Task goal:
The word to find is "diameter". State how many lines below contain it, giving only the number.

** Opening Extracted entries block **

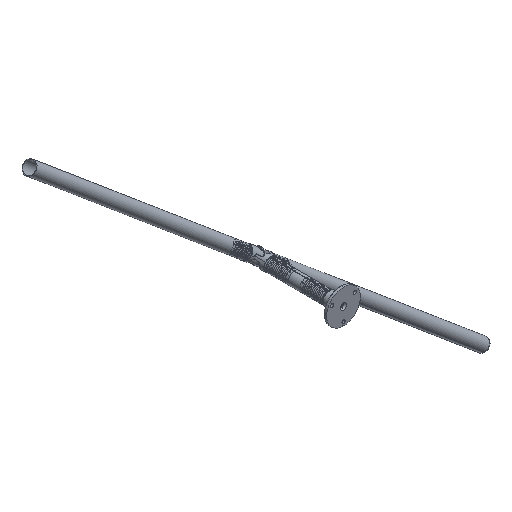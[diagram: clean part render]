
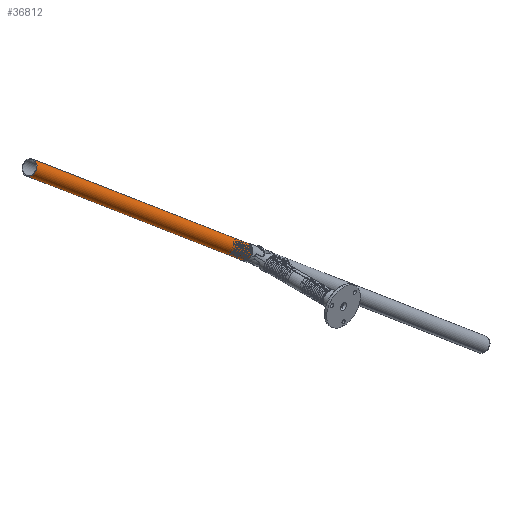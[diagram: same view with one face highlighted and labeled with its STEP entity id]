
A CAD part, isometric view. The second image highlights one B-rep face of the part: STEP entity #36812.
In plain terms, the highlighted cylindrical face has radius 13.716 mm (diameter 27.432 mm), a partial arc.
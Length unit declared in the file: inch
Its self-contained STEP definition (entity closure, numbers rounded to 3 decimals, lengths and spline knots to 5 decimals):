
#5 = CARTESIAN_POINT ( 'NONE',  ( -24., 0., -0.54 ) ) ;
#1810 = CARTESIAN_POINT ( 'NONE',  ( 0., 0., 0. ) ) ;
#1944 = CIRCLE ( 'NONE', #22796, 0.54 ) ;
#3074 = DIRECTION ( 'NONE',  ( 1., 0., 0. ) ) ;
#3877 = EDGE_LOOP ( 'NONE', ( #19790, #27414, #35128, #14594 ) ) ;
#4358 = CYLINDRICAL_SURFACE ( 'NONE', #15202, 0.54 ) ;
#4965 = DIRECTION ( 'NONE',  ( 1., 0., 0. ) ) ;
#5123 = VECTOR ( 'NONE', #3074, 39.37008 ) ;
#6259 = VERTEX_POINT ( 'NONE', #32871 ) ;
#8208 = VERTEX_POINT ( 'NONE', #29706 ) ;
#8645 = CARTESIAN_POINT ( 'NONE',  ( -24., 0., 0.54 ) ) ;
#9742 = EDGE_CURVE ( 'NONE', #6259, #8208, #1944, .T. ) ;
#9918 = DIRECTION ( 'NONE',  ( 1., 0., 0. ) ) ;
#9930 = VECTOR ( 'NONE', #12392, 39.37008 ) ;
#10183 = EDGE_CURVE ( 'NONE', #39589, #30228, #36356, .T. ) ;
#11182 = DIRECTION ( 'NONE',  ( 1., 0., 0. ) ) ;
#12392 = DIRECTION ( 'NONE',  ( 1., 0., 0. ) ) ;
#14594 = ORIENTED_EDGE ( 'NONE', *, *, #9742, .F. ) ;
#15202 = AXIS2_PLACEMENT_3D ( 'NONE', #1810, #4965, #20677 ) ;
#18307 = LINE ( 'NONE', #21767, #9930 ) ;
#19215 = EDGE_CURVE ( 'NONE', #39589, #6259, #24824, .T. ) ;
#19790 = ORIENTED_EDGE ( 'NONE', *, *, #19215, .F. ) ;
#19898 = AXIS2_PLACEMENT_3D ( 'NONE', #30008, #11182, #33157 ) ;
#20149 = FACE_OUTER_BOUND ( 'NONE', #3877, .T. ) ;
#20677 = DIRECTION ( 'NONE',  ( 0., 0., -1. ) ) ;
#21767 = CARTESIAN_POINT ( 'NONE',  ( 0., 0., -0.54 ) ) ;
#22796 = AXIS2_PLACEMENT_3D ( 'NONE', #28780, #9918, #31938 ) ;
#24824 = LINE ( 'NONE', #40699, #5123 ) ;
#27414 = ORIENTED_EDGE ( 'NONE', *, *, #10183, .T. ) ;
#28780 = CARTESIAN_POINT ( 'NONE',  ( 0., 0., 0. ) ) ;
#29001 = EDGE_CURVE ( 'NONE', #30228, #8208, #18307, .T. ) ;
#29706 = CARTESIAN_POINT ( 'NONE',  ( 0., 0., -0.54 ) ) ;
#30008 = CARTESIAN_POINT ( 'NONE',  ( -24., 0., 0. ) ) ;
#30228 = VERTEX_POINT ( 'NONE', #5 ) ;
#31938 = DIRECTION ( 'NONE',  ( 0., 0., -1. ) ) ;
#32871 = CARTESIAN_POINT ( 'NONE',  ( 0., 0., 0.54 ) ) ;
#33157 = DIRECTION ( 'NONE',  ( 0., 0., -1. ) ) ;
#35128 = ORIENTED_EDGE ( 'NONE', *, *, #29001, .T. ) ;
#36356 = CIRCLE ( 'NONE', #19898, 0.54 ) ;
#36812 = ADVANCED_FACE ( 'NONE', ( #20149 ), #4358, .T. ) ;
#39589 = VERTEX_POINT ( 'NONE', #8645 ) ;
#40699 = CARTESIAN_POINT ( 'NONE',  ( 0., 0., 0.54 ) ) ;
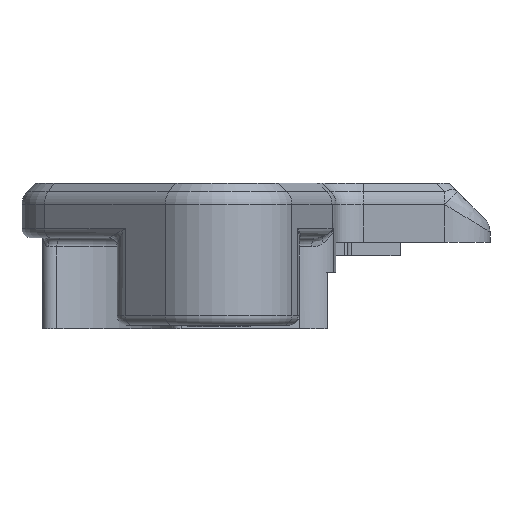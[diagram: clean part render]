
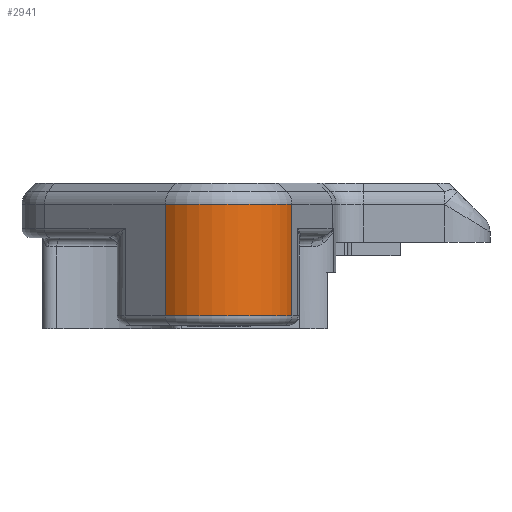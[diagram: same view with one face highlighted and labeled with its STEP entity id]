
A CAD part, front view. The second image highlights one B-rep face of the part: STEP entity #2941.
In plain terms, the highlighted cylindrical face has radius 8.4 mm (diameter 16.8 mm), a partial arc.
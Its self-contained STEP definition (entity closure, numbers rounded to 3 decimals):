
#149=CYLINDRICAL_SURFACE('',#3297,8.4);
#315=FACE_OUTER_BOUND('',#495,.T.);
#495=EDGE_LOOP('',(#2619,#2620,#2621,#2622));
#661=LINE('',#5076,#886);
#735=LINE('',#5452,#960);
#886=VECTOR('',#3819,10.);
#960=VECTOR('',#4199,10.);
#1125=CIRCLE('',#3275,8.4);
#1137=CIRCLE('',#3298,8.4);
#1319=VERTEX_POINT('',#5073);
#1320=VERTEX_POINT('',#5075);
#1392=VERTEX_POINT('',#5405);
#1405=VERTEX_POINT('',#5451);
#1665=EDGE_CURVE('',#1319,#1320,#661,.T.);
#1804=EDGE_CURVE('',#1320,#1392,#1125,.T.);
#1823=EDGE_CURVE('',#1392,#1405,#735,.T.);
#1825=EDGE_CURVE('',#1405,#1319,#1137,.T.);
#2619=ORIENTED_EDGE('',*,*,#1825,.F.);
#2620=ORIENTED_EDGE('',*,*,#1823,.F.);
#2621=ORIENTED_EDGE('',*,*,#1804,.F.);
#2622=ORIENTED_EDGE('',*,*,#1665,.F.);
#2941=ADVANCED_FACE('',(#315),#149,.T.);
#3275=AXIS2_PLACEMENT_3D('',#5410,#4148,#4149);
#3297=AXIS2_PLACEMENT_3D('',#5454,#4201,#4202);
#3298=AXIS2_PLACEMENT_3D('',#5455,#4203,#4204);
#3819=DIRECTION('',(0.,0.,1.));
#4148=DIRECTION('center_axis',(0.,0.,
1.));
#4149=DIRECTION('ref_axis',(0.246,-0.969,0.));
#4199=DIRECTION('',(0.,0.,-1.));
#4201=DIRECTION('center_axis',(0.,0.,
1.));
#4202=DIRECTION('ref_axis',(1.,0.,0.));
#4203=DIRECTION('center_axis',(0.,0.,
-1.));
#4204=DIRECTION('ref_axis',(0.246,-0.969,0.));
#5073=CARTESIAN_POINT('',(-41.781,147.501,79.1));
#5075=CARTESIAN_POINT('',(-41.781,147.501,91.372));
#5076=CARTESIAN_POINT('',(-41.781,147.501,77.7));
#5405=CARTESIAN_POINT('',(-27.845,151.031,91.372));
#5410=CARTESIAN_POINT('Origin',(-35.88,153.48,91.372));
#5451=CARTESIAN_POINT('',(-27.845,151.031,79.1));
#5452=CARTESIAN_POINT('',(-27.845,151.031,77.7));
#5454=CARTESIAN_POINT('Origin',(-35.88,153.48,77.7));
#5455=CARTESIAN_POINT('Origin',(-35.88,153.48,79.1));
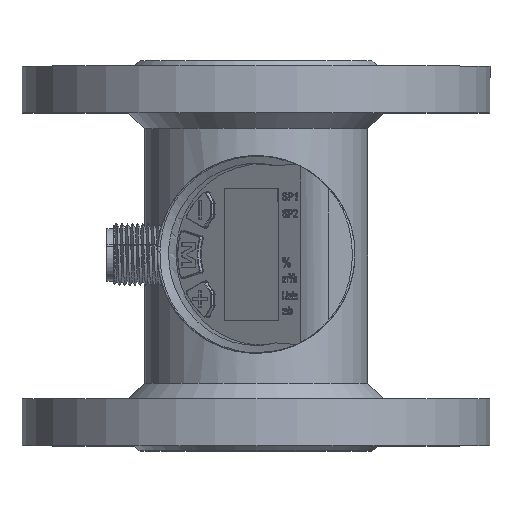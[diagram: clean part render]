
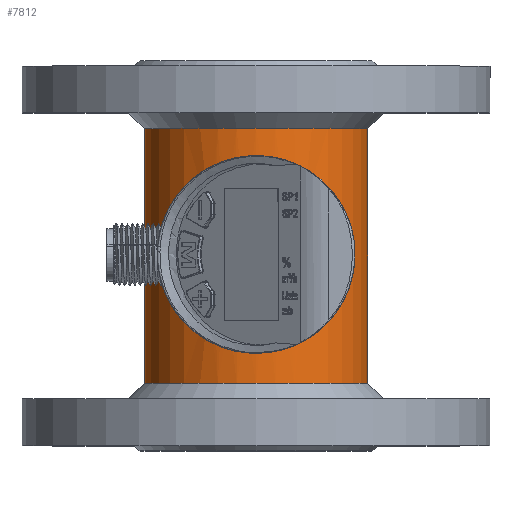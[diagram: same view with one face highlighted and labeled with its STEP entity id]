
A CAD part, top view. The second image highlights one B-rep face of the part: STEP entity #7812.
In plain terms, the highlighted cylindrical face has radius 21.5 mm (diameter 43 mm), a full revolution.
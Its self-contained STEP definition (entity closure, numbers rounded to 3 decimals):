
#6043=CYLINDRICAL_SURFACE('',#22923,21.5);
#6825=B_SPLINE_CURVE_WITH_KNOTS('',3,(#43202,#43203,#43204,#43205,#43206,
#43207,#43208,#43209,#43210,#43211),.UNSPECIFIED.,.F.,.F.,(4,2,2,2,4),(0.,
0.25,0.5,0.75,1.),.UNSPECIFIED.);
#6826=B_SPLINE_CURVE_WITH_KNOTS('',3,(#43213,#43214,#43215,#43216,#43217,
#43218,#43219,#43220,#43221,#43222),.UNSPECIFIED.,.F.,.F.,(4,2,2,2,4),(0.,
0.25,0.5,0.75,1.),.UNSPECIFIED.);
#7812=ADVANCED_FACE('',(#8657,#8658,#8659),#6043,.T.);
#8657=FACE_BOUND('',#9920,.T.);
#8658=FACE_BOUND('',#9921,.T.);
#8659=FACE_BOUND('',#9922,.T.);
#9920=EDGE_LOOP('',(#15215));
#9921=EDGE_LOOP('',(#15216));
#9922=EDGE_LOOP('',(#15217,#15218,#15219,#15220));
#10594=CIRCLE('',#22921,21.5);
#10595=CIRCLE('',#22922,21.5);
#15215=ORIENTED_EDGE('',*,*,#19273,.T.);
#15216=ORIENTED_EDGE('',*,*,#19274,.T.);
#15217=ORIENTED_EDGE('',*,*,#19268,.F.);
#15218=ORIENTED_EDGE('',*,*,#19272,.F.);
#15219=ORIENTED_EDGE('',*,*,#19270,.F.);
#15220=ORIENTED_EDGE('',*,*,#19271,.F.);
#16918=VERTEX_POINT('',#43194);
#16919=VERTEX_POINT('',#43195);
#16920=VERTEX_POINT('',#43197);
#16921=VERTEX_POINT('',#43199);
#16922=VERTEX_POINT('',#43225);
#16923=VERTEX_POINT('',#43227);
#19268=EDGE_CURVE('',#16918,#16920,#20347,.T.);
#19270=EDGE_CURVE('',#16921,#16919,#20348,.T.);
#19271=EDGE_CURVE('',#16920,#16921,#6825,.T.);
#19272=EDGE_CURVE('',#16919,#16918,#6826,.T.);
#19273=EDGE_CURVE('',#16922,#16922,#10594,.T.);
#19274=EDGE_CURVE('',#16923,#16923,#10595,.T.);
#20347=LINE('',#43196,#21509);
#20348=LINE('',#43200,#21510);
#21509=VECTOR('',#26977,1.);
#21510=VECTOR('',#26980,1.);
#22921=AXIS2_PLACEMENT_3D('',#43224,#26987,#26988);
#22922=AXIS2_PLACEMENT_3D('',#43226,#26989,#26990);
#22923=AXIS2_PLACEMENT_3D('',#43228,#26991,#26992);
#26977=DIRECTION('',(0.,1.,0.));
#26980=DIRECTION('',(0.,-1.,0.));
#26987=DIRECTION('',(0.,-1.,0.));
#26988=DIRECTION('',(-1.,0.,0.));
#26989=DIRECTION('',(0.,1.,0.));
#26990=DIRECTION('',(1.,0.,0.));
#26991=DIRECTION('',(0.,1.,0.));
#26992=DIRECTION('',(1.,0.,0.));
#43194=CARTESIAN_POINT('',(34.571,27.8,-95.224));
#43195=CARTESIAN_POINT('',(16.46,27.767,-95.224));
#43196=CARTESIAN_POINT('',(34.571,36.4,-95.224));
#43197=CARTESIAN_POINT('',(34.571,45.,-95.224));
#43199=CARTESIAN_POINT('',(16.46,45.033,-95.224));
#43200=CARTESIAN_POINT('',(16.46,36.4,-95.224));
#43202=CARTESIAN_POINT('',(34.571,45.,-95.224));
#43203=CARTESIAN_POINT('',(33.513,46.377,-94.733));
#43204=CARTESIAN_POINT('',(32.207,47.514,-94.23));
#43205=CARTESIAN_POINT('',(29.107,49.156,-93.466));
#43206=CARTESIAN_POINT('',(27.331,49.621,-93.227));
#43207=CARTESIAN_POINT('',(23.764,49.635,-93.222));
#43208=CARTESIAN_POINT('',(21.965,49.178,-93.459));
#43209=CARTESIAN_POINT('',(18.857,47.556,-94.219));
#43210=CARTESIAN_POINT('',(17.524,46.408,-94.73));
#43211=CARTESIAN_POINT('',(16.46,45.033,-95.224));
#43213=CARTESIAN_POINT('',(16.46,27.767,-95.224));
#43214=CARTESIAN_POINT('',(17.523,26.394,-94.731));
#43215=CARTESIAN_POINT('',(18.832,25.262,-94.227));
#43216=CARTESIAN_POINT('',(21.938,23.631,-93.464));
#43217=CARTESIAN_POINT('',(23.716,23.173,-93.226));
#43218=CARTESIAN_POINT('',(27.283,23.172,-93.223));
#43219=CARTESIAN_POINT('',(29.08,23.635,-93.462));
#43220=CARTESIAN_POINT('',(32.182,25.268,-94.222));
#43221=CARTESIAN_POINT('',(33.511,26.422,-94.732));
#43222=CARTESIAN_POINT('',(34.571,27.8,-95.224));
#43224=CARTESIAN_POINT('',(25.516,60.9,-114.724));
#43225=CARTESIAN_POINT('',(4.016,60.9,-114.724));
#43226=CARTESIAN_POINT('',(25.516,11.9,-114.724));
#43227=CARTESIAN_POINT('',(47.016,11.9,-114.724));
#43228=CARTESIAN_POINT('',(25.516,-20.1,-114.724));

** Closing Extracted entries block **

Solution for this exercise:
3